Tak hanya ke Bapemperda, petisi penolakan juga akan diserahkan ke Pemerintah Provinsi DKI Jakarta agar Raperda KTR dapat ditunda pengesahannya.
"Harapan kami ditunda sampai nanti waktunya kita sosialisasikan lagi kepada para pelaku usaha untuk kita tinjau ulang, kita sosialisasi, kita kasih tahu akan ada peraturan daerah mengatur KTR ini," kata Zidan.
Sementara itu, Sekjen Komunitas Warung Niaga Nusantara (Kowartami), Salasatun Syamsiyah mengatakan, kehadiran Perda KTR dikhawatirkan bakal menjadi peluang pungutan liar (pungli) oknum tertentu. Salasatun khawatir, pelaku usaha warteg dikenakan biaya-biaya lain di luar ketentuan, agar usahanya tidak dijatuhi sanksi dari penegakan Perda KTR.
"Dievaluasi kembali untuk rumah makan, warteg, tolong. Suara kami dari warteg-warteg ini didengar betul," ujar Salasatun.
Bukan Larangan Merokok
Ketua DPRD DKI Jakarta Khoirudin mengatakan, Rancangan Peraturan Daerah Kawasan Tanpa Rokok (Raperda KTR) bukan melarang aktivitas merokok, tetapi pembatasan untuk para perokok, terutama di lingkungan pendidikan.
Beberapa waktu lalu, Panitia Khusus (Pansus) Raperda KTR DPRD DKI Jakarta telah memutuskan untuk tetap mempertahankan pasal pelarangan penjualan rokok dalam radius 200 meter dari satuan pendidikan.
"Karena ini adalah lembaga pendidikan, calon-calon pemimpin masa depan yang harus steril. Yang kedua, untuk lembaga kesehatan dan lain-lain,” kata Khoirudin.
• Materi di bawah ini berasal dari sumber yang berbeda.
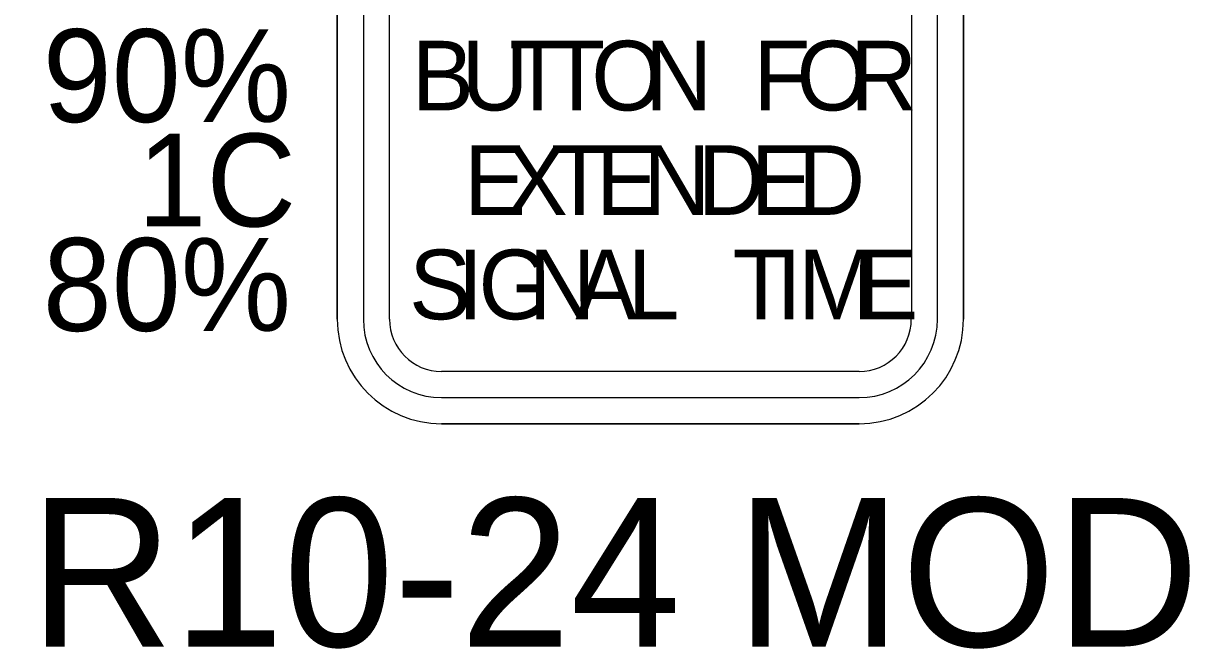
# Model space of a CAD drawing. Extents: x 99982 to 100176, y 99905 to 100011.
# Drawn here: x 100009.271 to 100009.837, y 99915.077 to 99915.38 of the extents above; entities that cross this region are included whole.
import ezdxf

# ---------------------------------------------------------------- set-up
doc = ezdxf.new("R2010")
doc.units = 0
doc.layers.add('TR_SN_ConstructionSigns', color=7, linetype='Continuous')

msp = doc.modelspace()

# ---------------------------------------------------------------- linework, layer by layer
at = {"layer": 'TR_SN_ConstructionSigns'}
for p, q in [((100009.42363, 99915.23704), (100009.42363, 99915.64204)), ((100009.42363, 99915.64204), (100009.42363, 99915.23704)), ((100009.42363, 99915.64204), (100009.42363, 99915.23704)), ((100009.43628, 99915.64204), (100009.43628, 99915.23704)), ((100009.44894, 99915.23704), (100009.44894, 99915.64204)), ((100009.70207, 99915.64204), (100009.70207, 99915.23704)), ((100009.71472, 99915.23704), (100009.71472, 99915.64204)), ((100009.72738, 99915.64204), (100009.72738, 99915.23704)), ((100009.72738, 99915.23704), (100009.72738, 99915.64204)), ((100009.72738, 99915.23704), (100009.72738, 99915.64204)), ((100009.67675, 99915.21173), (100009.47425, 99915.21173)), ((100009.47425, 99915.19907), (100009.67675, 99915.19907)), ((100009.67675, 99915.18641), (100009.47425, 99915.18641)), ((100009.47425, 99915.18641), (100009.67675, 99915.18641)), ((100009.47425, 99915.18641), (100009.67675, 99915.18641))]:
    msp.add_line(p, q, dxfattribs=at)
for centre, radius, start, end in [((100009.47425, 99915.23704), 0.05063, 180, 270), ((100009.47425, 99915.23704), 0.05063, 180, 270), ((100009.47425, 99915.23704), 0.05063, 180, 270), ((100009.47425, 99915.23704), 0.03797, 180, 270), ((100009.47425, 99915.23704), 0.02531, 180, 270), ((100009.67675, 99915.23704), 0.05063, 270, 0), ((100009.67675, 99915.23704), 0.05063, 270, 0), ((100009.67675, 99915.23704), 0.03797, 270, 0), ((100009.67675, 99915.23704), 0.02531, 270, 0), ((100009.67675, 99915.23704), 0.05063, 270, 0)]:
    msp.add_arc(centre, radius, start, end, dxfattribs=at)

# ---------------------------------------------------------------- texts
for s, height, p in [('1C, 90%', 0.045, (100009.17043, 99915.33266)), ('B', 0.03375, (100009.45976, 99915.33829)), ('U', 0.03375, (100009.48382, 99915.33829)), ('T', 0.03375, (100009.50697, 99915.33829)), ('T', 0.03375, (100009.52601, 99915.33829)), ('O', 0.03375, (100009.54687, 99915.33829)), ('N', 0.03375, (100009.57285, 99915.33829)), ('F', 0.03375, (100009.6255, 99915.33829)), ('O', 0.03375, (100009.64636, 99915.33829)), ('R', 0.03375, (100009.67235, 99915.33829)), ('1C', 0.045, (100009.32672, 99915.28204)), ('E', 0.03375, (100009.48505, 99915.28766)), ('X', 0.03375, (100009.5053, 99915.28766)), ('T', 0.03375, (100009.52724, 99915.28766)), ('E', 0.03375, (100009.54918, 99915.28766)), ('N', 0.03375, (100009.57213, 99915.28766)), ('D', 0.03375, (100009.59845, 99915.28766)), ('E', 0.03375, (100009.6241, 99915.28766)), ('D', 0.03375, (100009.64705, 99915.28766)), ('1C, 80%', 0.045, (100009.17043, 99915.23141)), ('S', 0.03375, (100009.45849, 99915.23704)), ('I', 0.03375, (100009.48198, 99915.23704)), ('G', 0.03375, (100009.49211, 99915.23704)), ('N', 0.03375, (100009.51641, 99915.23704)), ('A', 0.03375, (100009.53909, 99915.23704)), ('L', 0.03375, (100009.56447, 99915.23704)), ('T', 0.03375, (100009.61543, 99915.23704)), ('I', 0.03375, (100009.63642, 99915.23704)), ('M', 0.03375, (100009.64709, 99915.23704)), ('E', 0.03375, (100009.6753, 99915.23704))]:
    msp.add_text(s, height=height, dxfattribs=at).set_placement(p)
msp.add_text('R10-24 MOD', height=0.072, rotation=360, dxfattribs=at).set_placement((100009.27452, 99915.07841))

doc.saveas('drawing.dxf')

Namun demikian, kata Khoirudin, berjualan rokok tetap diperbolehkan di tempat-tempat tertentu seperti tempat hiburan dan kafe. Sebab, menurut Khoirudin, jangan sampai kegiatan merokok para perokok bisa mengganggu kesehatan orang lain. "Kalau untuk berdagang, kan, masih boleh di tempat hiburan seperti itu ya," tuturnya.